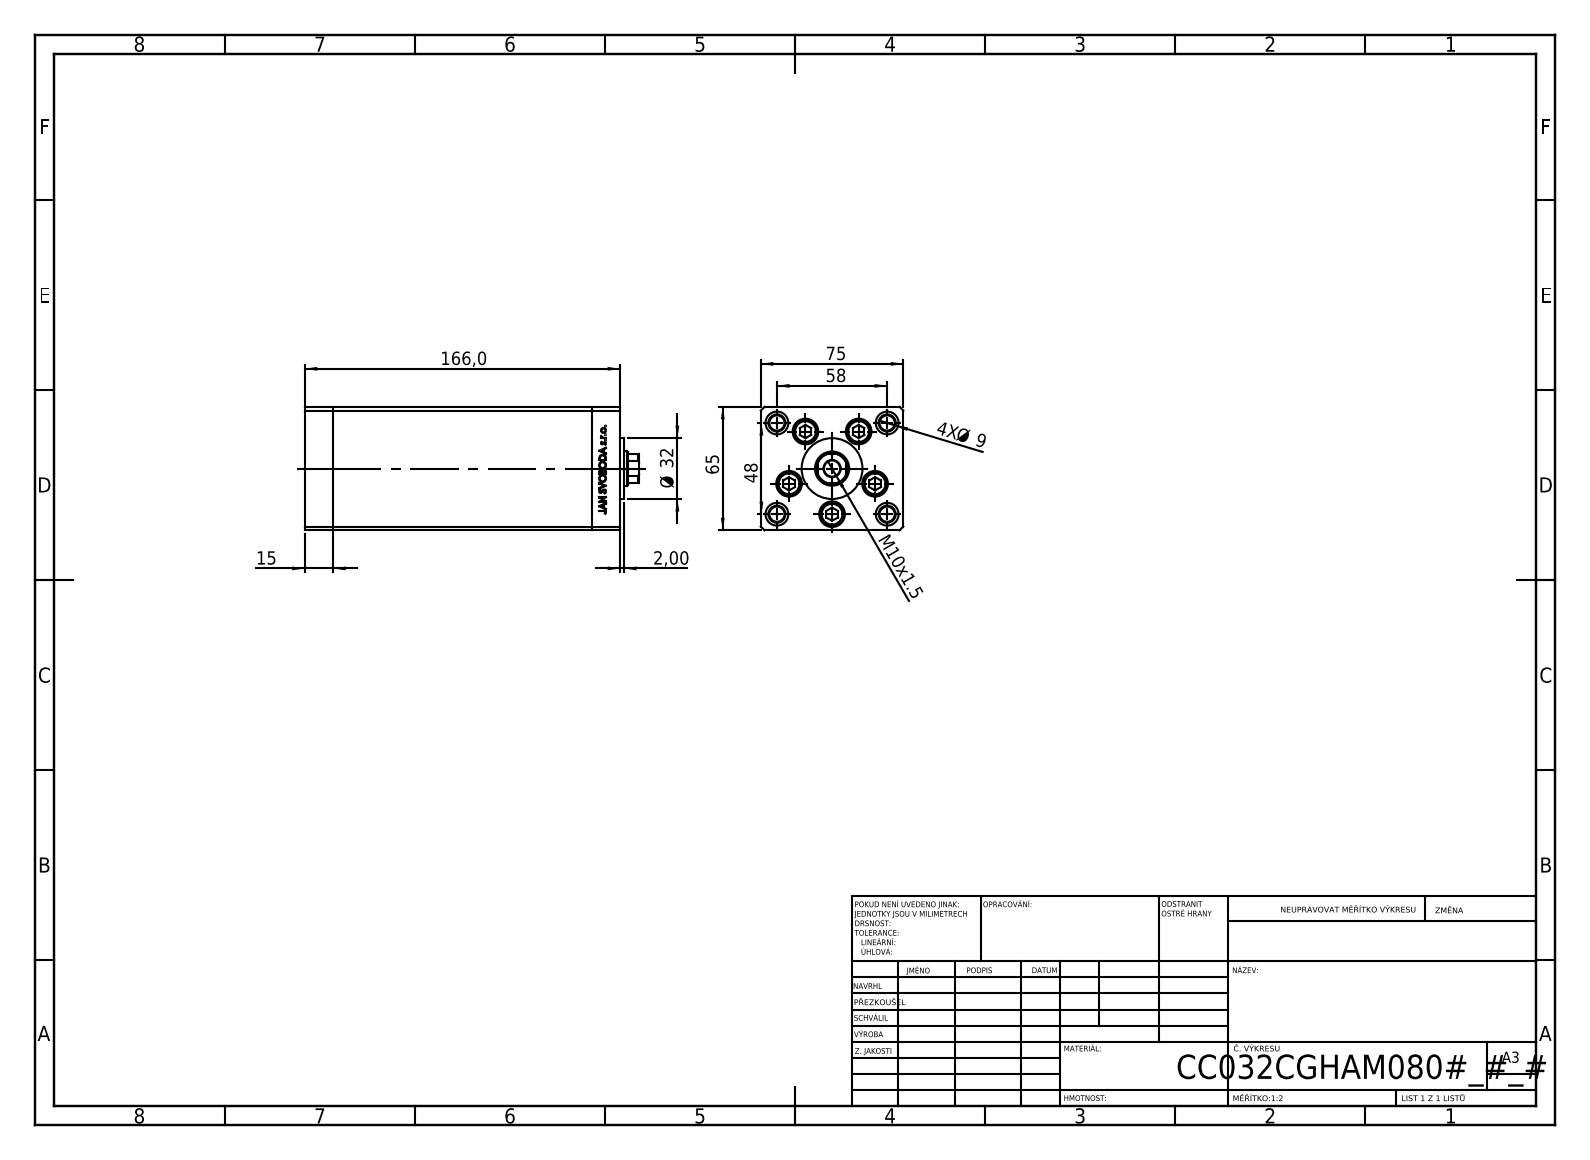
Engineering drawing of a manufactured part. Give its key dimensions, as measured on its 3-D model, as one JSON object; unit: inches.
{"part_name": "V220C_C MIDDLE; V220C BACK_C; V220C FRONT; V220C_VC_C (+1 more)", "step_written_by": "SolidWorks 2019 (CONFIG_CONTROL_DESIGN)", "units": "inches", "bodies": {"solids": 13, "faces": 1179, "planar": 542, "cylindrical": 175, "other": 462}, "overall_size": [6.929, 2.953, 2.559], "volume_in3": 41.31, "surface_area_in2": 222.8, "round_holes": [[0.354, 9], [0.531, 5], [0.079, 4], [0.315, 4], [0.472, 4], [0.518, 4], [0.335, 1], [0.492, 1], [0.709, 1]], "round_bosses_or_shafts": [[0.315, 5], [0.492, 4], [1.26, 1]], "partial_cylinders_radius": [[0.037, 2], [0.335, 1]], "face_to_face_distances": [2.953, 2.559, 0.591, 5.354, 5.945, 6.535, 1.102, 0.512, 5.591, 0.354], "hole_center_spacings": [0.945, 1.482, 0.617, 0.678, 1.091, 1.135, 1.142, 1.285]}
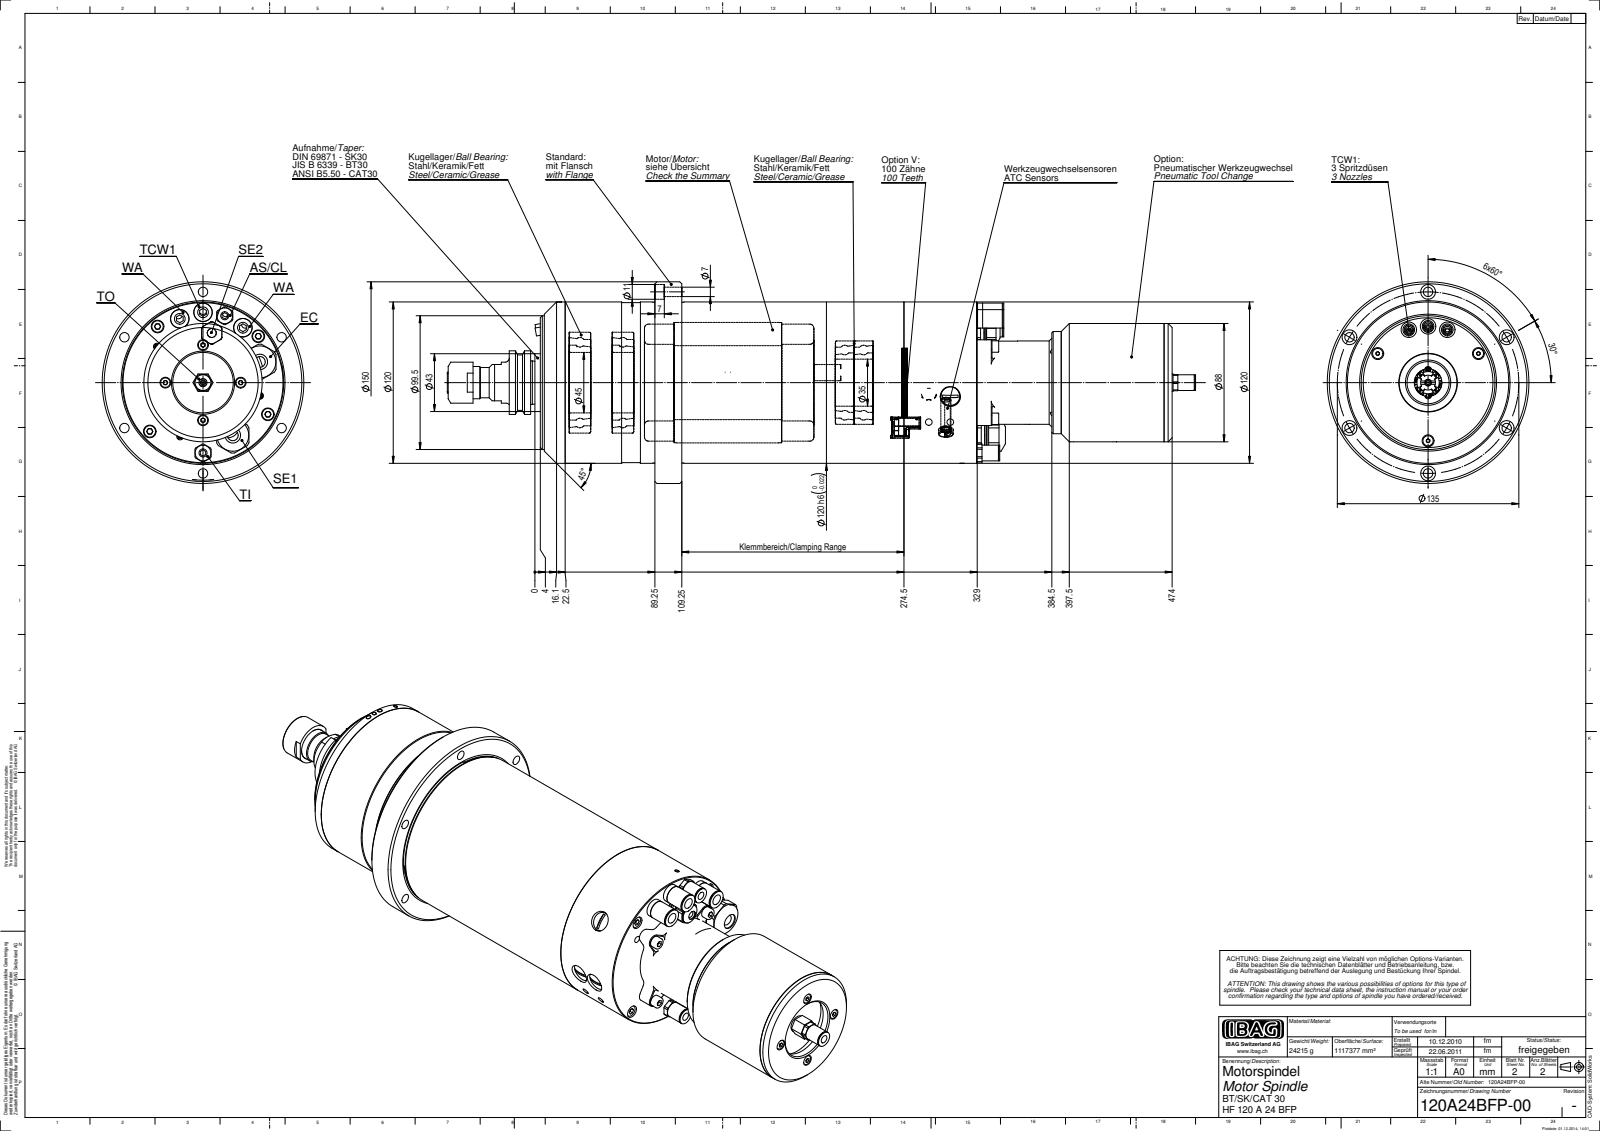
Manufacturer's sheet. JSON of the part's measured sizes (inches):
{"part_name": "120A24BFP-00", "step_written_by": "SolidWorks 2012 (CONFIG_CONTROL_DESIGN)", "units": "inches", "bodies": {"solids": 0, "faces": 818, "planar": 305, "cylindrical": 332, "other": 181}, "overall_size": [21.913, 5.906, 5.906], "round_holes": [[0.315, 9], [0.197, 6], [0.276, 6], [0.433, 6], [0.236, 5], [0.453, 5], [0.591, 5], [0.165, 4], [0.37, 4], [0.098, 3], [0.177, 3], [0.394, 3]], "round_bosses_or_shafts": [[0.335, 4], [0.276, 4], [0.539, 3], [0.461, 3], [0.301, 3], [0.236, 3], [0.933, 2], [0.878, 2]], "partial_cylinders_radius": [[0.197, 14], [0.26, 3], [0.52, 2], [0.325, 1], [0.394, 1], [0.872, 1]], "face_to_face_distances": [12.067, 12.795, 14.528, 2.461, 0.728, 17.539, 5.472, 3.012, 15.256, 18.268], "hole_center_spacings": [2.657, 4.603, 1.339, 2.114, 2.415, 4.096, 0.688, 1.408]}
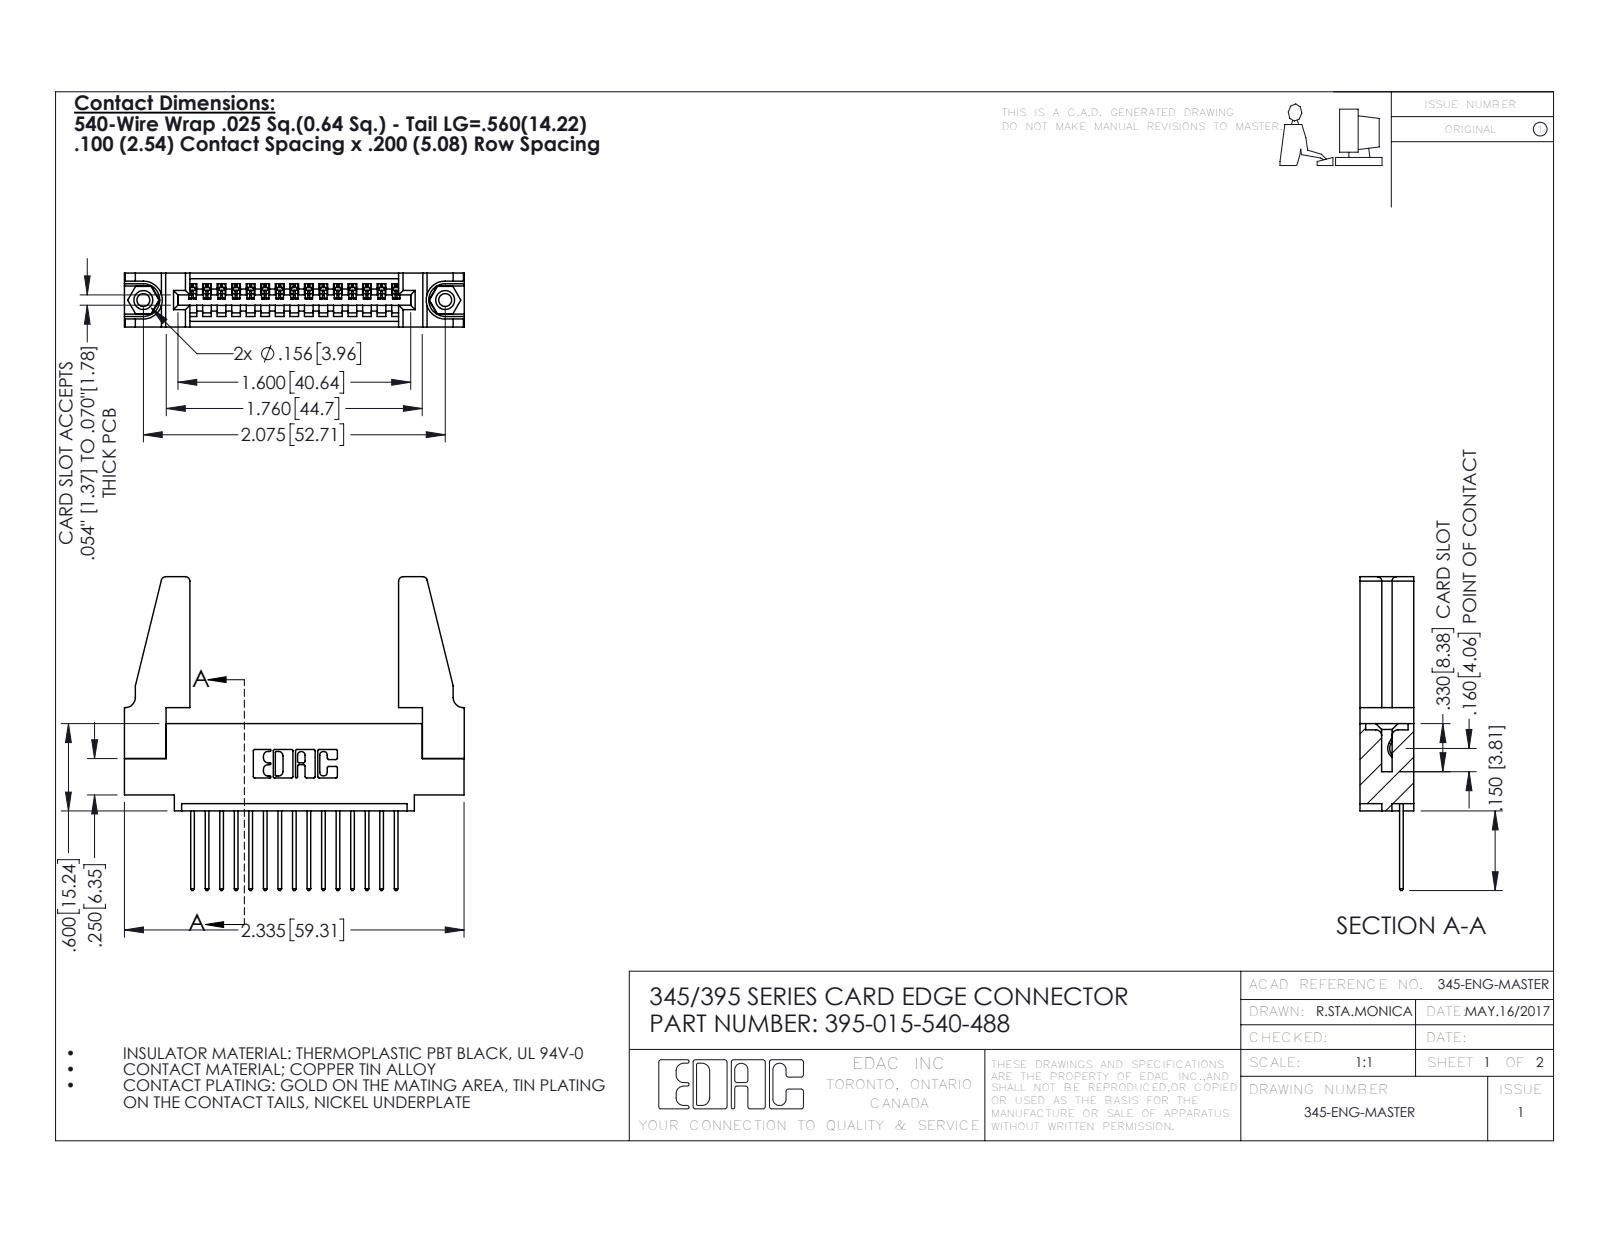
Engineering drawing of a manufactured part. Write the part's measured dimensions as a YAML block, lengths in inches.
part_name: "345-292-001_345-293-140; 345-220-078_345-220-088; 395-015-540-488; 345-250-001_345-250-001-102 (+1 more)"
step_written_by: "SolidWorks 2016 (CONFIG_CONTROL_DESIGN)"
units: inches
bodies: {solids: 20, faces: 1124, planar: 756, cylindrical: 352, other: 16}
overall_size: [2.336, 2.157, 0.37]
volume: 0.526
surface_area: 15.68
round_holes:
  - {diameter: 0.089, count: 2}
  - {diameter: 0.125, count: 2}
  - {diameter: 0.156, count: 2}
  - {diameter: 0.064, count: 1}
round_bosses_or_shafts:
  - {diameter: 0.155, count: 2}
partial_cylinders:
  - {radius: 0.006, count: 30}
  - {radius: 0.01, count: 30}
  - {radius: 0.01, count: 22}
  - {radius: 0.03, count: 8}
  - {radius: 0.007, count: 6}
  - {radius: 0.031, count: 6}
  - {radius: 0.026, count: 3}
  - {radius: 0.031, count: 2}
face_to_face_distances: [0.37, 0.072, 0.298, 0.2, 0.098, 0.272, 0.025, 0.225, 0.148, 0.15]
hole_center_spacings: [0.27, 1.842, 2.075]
* * *
# [Problem]
Filter the entries down to the lines holding the string "JSON". Copy each of those lines.

# [Answer for this exercise]
Engineering drawing of a manufactured part. Give its key dimensions, as measured on its 3-D model, as one JSON object; unit: inches.
Manufacturer's sheet. JSON of the part's measured sizes (inches):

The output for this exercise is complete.